II. Une opposition a été formée à l'encontre du brevet européen précité sur le fondement de l'article 100 a) CBE, au motif que son objet n'était pas nouveau au sens de l'article 54(2) CBE et n'impliquait pas d'activité inventive au sens de l'article 56 CBE.
Ces objections s'appuyaient sur les documents suivants :
(1) JP-A-6 359 494 ainsi qu'une traduction anglaise de ce document en langue anglaise ;
(2) EP-A-0 262 040 ;
(4) Product sheet, CelluzymeTM, Novo Industri A/S, April 1987 ;
(7) D.Y. Prasad, "Enyzmatic deinking of laser and xerographic office wastes", July 1993, 289-92.
III. Par décision en application des articles 102(2) et 106(3) CBE, la Division d'opposition a estimé que les motifs d'opposition invoqués ne s'opposaient pas au maintien du brevet européen sans modification ; elle a rejeté l'opposition.

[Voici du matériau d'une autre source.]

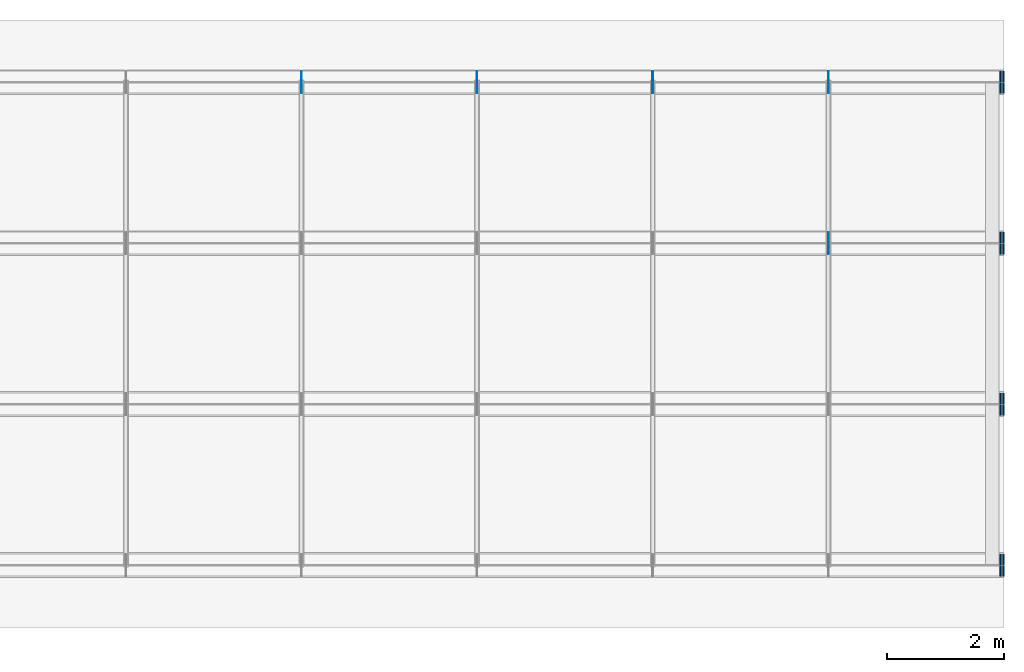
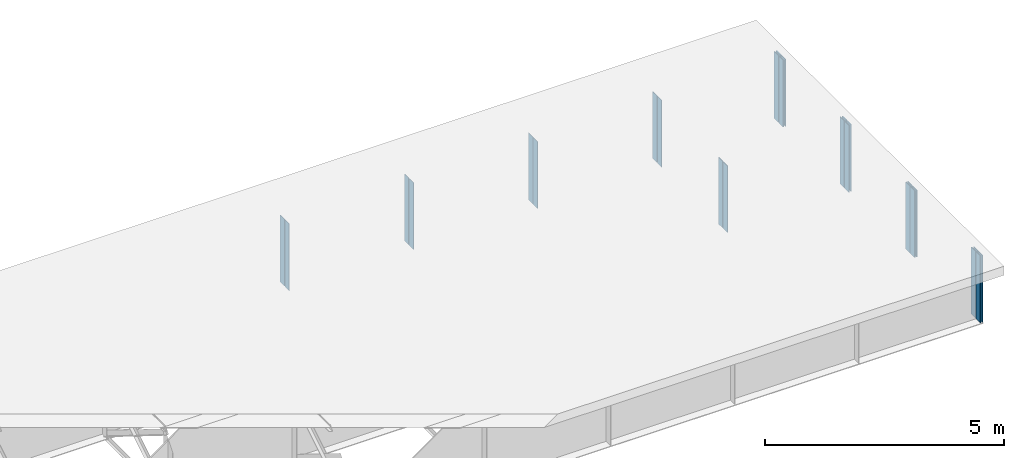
# One storey, part 11 of 11: 26 plates.
"""IFC4 building model written with IfcOpenShell, lengths in metres."""

from ifc_helpers import new_model, si_unit, frame, origin, origin_with_axes, origin_2d_with_axis, place, context, subcontext, project, spatial, rectangle, extrude, element, save


model = new_model("IFC4")

# Units and contexts
model_context = context("Model", 3, precision=1e-05, world=origin())
body_context = subcontext(model_context, "Body", "Model", "MODEL_VIEW")
ifc_project = project(units=[si_unit("LENGTHUNIT", "METRE"), si_unit("AREAUNIT", "SQUARE_METRE"), si_unit("VOLUMEUNIT", "CUBIC_METRE"), si_unit("PLANEANGLEUNIT", "RADIAN")], contexts=[model_context])

# Site, building, storey
site_placement = place(None, origin_with_axes())
site = spatial("IfcSite", under=ifc_project, at=site_placement, Name="Default Site")
building_placement = place(site_placement, origin_with_axes())
building = spatial("IfcBuilding", under=site, at=building_placement, Name="Bridge Structure")
storey_placement = place(building_placement, origin_with_axes())
storey = spatial("IfcBuildingStorey", under=building, at=storey_placement, Name="Superstructure")

# Plates
for number, where, z_axis, x_axis, name in (
    (1, (29.990000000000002, -4.02675, -0.855), (0.0, 0.0, 1.0), (1.0, 0.0, 0.0), "End Stiffener 1"),
    (2, (29.990000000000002, -4.22325, -0.855), (0.0, 0.0, 1.0), (1.0, 0.0, 0.0), "End Stiffener 1"),
    (3, (29.94, -4.02675, -0.855), (0.0, 0.0, 1.0), (1.0, 0.0, 0.0), "End Stiffener 1"),
    (4, (29.94, -4.22325, -0.855), (0.0, 0.0, 1.0), (1.0, 0.0, 0.0), "End Stiffener 1"),
    (5, (29.990000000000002, -1.27675, -0.855), (0.0, 0.0, 1.0), (1.0, 0.0, 0.0), "End Stiffener 2"),
    (6, (29.990000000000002, -1.47325, -0.855), (0.0, 0.0, 1.0), (1.0, 0.0, 0.0), "End Stiffener 2"),
    (7, (29.94, -1.27675, -0.855), (0.0, 0.0, 1.0), (1.0, 0.0, 0.0), "End Stiffener 2"),
    (8, (29.94, -1.47325, -0.855), (0.0, 0.0, 1.0), (1.0, 0.0, 0.0), "End Stiffener 2"),
):
    element("IfcPlate", number, at=place(storey_placement, frame(where, z_axis=z_axis, x_axis=x_axis)), inside=storey, Name=name, context=body_context, shape_type="SweptSolid", body=[
        extrude(rectangle(XDim=0.02, YDim=0.1785, at=origin_2d_with_axis()), origin_with_axes(), (0.0, 0.0, 1.0), 1.71),
    ])
for number, where, z_axis, x_axis, name in (
    (9, (27.0, 1.47325, -0.855), (0.0, 0.0, 1.0), (1.0, 0.0, 0.0), "Intermediate Stiffener 3"),
    (10, (27.0, 1.27675, -0.855), (0.0, 0.0, 1.0), (1.0, 0.0, 0.0), "Intermediate Stiffener 3"),
):
    element("IfcPlate", number, at=place(storey_placement, frame(where, z_axis=z_axis, x_axis=x_axis)), inside=storey, Name=name, context=body_context, shape_type="SweptSolid", body=[
        extrude(rectangle(XDim=0.012, YDim=0.1785, at=origin_2d_with_axis()), origin_with_axes(), (0.0, 0.0, 1.0), 1.71),
    ])
for number, where, z_axis, x_axis, name in (
    (11, (29.990000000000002, 1.47325, -0.855), (0.0, 0.0, 1.0), (1.0, 0.0, 0.0), "End Stiffener 3"),
    (12, (29.990000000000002, 1.27675, -0.855), (0.0, 0.0, 1.0), (1.0, 0.0, 0.0), "End Stiffener 3"),
    (13, (29.94, 1.47325, -0.855), (0.0, 0.0, 1.0), (1.0, 0.0, 0.0), "End Stiffener 3"),
    (14, (29.94, 1.27675, -0.855), (0.0, 0.0, 1.0), (1.0, 0.0, 0.0), "End Stiffener 3"),
):
    element("IfcPlate", number, at=place(storey_placement, frame(where, z_axis=z_axis, x_axis=x_axis)), inside=storey, Name=name, context=body_context, shape_type="SweptSolid", body=[
        extrude(rectangle(XDim=0.02, YDim=0.1785, at=origin_2d_with_axis()), origin_with_axes(), (0.0, 0.0, 1.0), 1.71),
    ])
for number, where, z_axis, x_axis, name in (
    (15, (18.0, 4.22325, -0.855), (0.0, 0.0, 1.0), (1.0, 0.0, 0.0), "Intermediate Stiffener 4"),
    (16, (18.0, 4.02675, -0.855), (0.0, 0.0, 1.0), (1.0, 0.0, 0.0), "Intermediate Stiffener 4"),
    (17, (21.0, 4.22325, -0.855), (0.0, 0.0, 1.0), (1.0, 0.0, 0.0), "Intermediate Stiffener 4"),
    (18, (21.0, 4.02675, -0.855), (0.0, 0.0, 1.0), (1.0, 0.0, 0.0), "Intermediate Stiffener 4"),
    (19, (24.0, 4.22325, -0.855), (0.0, 0.0, 1.0), (1.0, 0.0, 0.0), "Intermediate Stiffener 4"),
    (20, (24.0, 4.02675, -0.855), (0.0, 0.0, 1.0), (1.0, 0.0, 0.0), "Intermediate Stiffener 4"),
    (21, (27.0, 4.22325, -0.855), (0.0, 0.0, 1.0), (1.0, 0.0, 0.0), "Intermediate Stiffener 4"),
    (22, (27.0, 4.02675, -0.855), (0.0, 0.0, 1.0), (1.0, 0.0, 0.0), "Intermediate Stiffener 4"),
):
    element("IfcPlate", number, at=place(storey_placement, frame(where, z_axis=z_axis, x_axis=x_axis)), inside=storey, Name=name, context=body_context, shape_type="SweptSolid", body=[
        extrude(rectangle(XDim=0.012, YDim=0.1785, at=origin_2d_with_axis()), origin_with_axes(), (0.0, 0.0, 1.0), 1.71),
    ])
for number, where, z_axis, x_axis, name in (
    (23, (29.990000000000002, 4.22325, -0.855), (0.0, 0.0, 1.0), (1.0, 0.0, 0.0), "End Stiffener 4"),
    (24, (29.990000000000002, 4.02675, -0.855), (0.0, 0.0, 1.0), (1.0, 0.0, 0.0), "End Stiffener 4"),
    (25, (29.94, 4.22325, -0.855), (0.0, 0.0, 1.0), (1.0, 0.0, 0.0), "End Stiffener 4"),
    (26, (29.94, 4.02675, -0.855), (0.0, 0.0, 1.0), (1.0, 0.0, 0.0), "End Stiffener 4"),
):
    element("IfcPlate", number, at=place(storey_placement, frame(where, z_axis=z_axis, x_axis=x_axis)), inside=storey, Name=name, context=body_context, shape_type="SweptSolid", body=[
        extrude(rectangle(XDim=0.02, YDim=0.1785, at=origin_2d_with_axis()), origin_with_axes(), (0.0, 0.0, 1.0), 1.71),
    ])

save(model, "model.ifc")
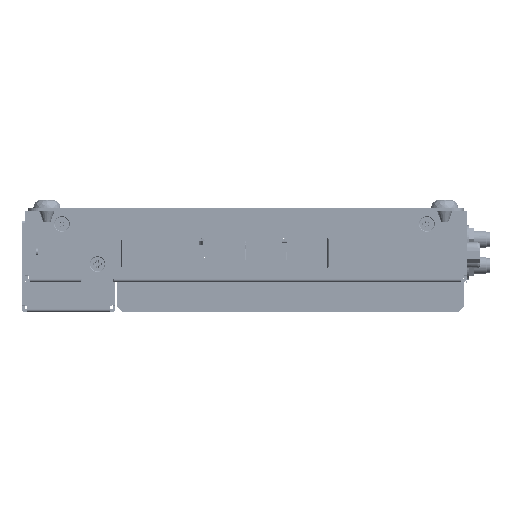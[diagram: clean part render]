
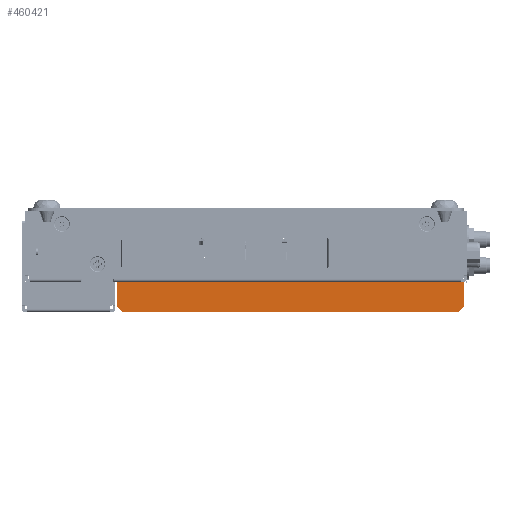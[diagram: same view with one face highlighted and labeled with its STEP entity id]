
A CAD part, left-side view. The second image highlights one B-rep face of the part: STEP entity #460421.
In plain terms, the highlighted planar face has unit normal (-1, 0, 0).
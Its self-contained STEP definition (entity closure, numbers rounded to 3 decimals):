
#103759=DIRECTION('',(0.,1.,0.));
#103760=VECTOR('',#103759,126.5);
#103761=CARTESIAN_POINT('',(-123.5,1.,-17.6));
#103762=LINE('',#103761,#103760);
#120802=DIRECTION('',(0.,0.,-1.));
#120803=VECTOR('',#120802,9.);
#120804=CARTESIAN_POINT('',(-123.5,1.,-17.6));
#120805=LINE('',#120804,#120803);
#120806=DIRECTION('',(0.,0.707,-0.707));
#120807=VECTOR('',#120806,2.828);
#120808=CARTESIAN_POINT('',(-123.5,1.,-26.6));
#120809=LINE('',#120808,#120807);
#120810=DIRECTION('',(0.,0.707,0.707));
#120811=VECTOR('',#120810,2.828);
#120812=CARTESIAN_POINT('',(-123.5,125.5,-28.6));
#120813=LINE('',#120812,#120811);
#120814=DIRECTION('',(0.,0.,1.));
#120815=VECTOR('',#120814,9.);
#120816=CARTESIAN_POINT('',(-123.5,127.5,-26.6));
#120817=LINE('',#120816,#120815);
#124154=DIRECTION('',(0.,1.,0.));
#124155=VECTOR('',#124154,122.5);
#124156=CARTESIAN_POINT('',(-123.5,3.,-28.6));
#124157=LINE('',#124156,#124155);
#201900=CARTESIAN_POINT('',(-123.5,1.,-26.6));
#201901=CARTESIAN_POINT('',(-123.5,3.,-28.6));
#201902=VERTEX_POINT('',#201900);
#201903=VERTEX_POINT('',#201901);
#202153=CARTESIAN_POINT('',(-123.5,127.5,-26.6));
#202155=VERTEX_POINT('',#202153);
#202634=CARTESIAN_POINT('',(-123.5,125.5,-28.6));
#202635=VERTEX_POINT('',#202634);
#255957=CARTESIAN_POINT('',(-123.5,1.,-17.6));
#255959=VERTEX_POINT('',#255957);
#255983=CARTESIAN_POINT('',(-123.5,127.5,-17.6));
#255984=VERTEX_POINT('',#255983);
#460405=CARTESIAN_POINT('',(-123.5,64.25,-23.1));
#460406=DIRECTION('',(1.,0.,0.));
#460407=DIRECTION('',(0.,0.,-1.));
#460408=AXIS2_PLACEMENT_3D('',#460405,#460406,#460407);
#460409=PLANE('',#460408);
#460410=ORIENTED_EDGE('',*,*,#428307,.F.);
#460411=ORIENTED_EDGE('',*,*,#429220,.T.);
#460413=ORIENTED_EDGE('',*,*,#460412,.T.);
#460415=ORIENTED_EDGE('',*,*,#460414,.T.);
#460417=ORIENTED_EDGE('',*,*,#460416,.T.);
#460418=ORIENTED_EDGE('',*,*,#459910,.T.);
#460419=EDGE_LOOP('',(#460410,#460411,#460413,#460415,#460417,#460418));
#460420=FACE_OUTER_BOUND('',#460419,.F.);
#460421=ADVANCED_FACE('',(#460420),#460409,.F.);
#428307=EDGE_CURVE('',#255959,#255984,#103762,.T.);
#429220=EDGE_CURVE('',#255959,#201902,#120805,.T.);
#459910=EDGE_CURVE('',#202155,#255984,#120817,.T.);
#460412=EDGE_CURVE('',#201902,#201903,#120809,.T.);
#460414=EDGE_CURVE('',#201903,#202635,#124157,.T.);
#460416=EDGE_CURVE('',#202635,#202155,#120813,.T.);
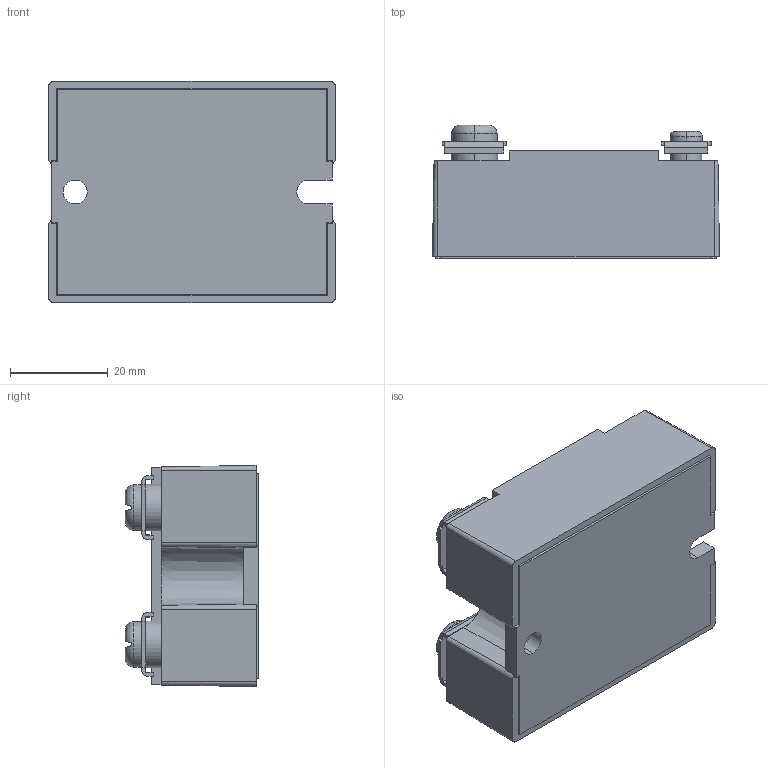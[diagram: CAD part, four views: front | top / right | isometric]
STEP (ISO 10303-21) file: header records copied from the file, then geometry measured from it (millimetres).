
FILE_DESCRIPTION (( 'STEP AP214' ), '1' );
FILE_NAME ('S1 STD.STEP', '2011-07-02T17:38:10', ( 'LALo' ), ( 'Edi Foundation' ), 'SwSTEP 2.0', 'SolidWorks 2011', '' );
FILE_SCHEMA (( 'AUTOMOTIVE_DESIGN' ));
Length unit declared in the file: inch
Products named in the file (1): S1 STD
Bounding box: 58.7 x 27.23 x 45.24 mm (x, y, z)
Volume: 20511.1 mm3; surface area: 21291.3 mm2
Topology: 1 solids, 2 shells, 410 faces, 1102 edges, 726 vertices
Faces by surface type: plane 309, cylinder 51, cone 40, torus 10
Entity records: 15851 total; most frequent: CARTESIAN_POINT 2523, ORIENTED_EDGE 2204, DIRECTION 2110, EDGE_CURVE 1102, VECTOR 812, LINE 812, VERTEX_POINT 726, AXIS2_PLACEMENT_3D 649

IV. La requérante (l'opposante) a formé un recours à l'encontre de cette décision. Les motifs de recours concernaient les objections de fond considérées par l'instance du premier degré et reprenaient pour l'essentiel les arguments présentés antérieurement :
(i) Contrairement à l'opinion de la Division d'opposition, le document (1), bien qu'il ne divulgue pas les effets concernant la réduction du degré SR et l'amélioration de l'égouttabilité de la suspension, décrit quand-même un procédé de désencrage des vieux papiers en présence d'une cellulase résistante en milieu alcalin. La réduction du degré SR et l'amélioration de l'égouttabilité de la suspension sont des propriétés inhérentes de ce type de cellulase car un enzyme de la cellulase attaque un type spécifique de lien présent dans la cellulose ; si une structure de fibres est attaquée par une cellulase, c'est le résultat de l'hydrolyse des liens spécifiques dans les parties cellulosiques des fibres. Cet effet conduit automatiquement à une réduction du degré SR et par là à un drainage amélioré ;
en annexe de la lettre en date du 27 mars 2001, la requérante a soumis le document (11) correspondant au document (3), qui se trouvait déjà dans le dossier, et le document
(10) GB-A-1 495 029 ;
le document (10) divulgue une méthode de traitement de papier ; les cellulases utilisées peuvent être dérivées de Cellulomonas ou Humicola (page 2, lignes 10, 11 et 14) ; la température du traitement est de préférence de 25. à 55 C, de préférence à un pH de 4 à 8 (page 2, lignes 36 à 41) ; les caractéristiques de réduction du degré SR et de l'amélioration du drainage de la suspension sont inhérentes à la méthode divulguée par le document (10) ;
(ii) le document représentant l'état de la technique le plus proche est le document (2) divulguant toutes les caractéristiques du procédé selon la revendication 1 du brevet contesté, y compris la réduction du degré SR et l'amélioration de drainage, à l'exception que la cellulase et/ou les hémucellulases sont de préférence dérivées de la Trichoderma viridae ou de l'Aspergillus niger, c'est-à-dire des cellulases acides ; comme ces cellulases développent leur activité à un pH entre 3 et 7. la suspension aqueuse de la pulpe servant à la production de papier est ajustée selon le document (2) à un pH entre 3 et 7 à l'aide d'acide sulfurique, comme décrit dans les exemples ;
- la substitution d'une cellulase acide (divulguée par le document (2)) par une cellulase alcaline (divulguée par les documents (1) ou (4)) est évidente pour l'homme du métier parce que cette cellulase alcaline ne nécessite pas automatiquement l'addition d'un acide comme l'acide sulfurique puisque la cellulase alcaline peut être utilisée à un pH correspondant au pH de la pulpe de papier ;
- le propriétaire du brevet n'a pas prouvé que la substitution d'une cellulase acide par une cellulase alcaline entraîne des effets d'amélioration ;
- les tests comparatifs 37 à 51 (brevet contesté, page 4 ; table 5, page 5), ne sont pas conformes à l'enseignement du document (2) ; ces tests ne montrent pas d'effets surprenants ; le pH de ces tests n'était pas le pH optimal pour la Trichoderma viridae, comme décrit dans le document (2) (pH entre 3 et 7), mais, en fait, le pH de cellulases alcalines.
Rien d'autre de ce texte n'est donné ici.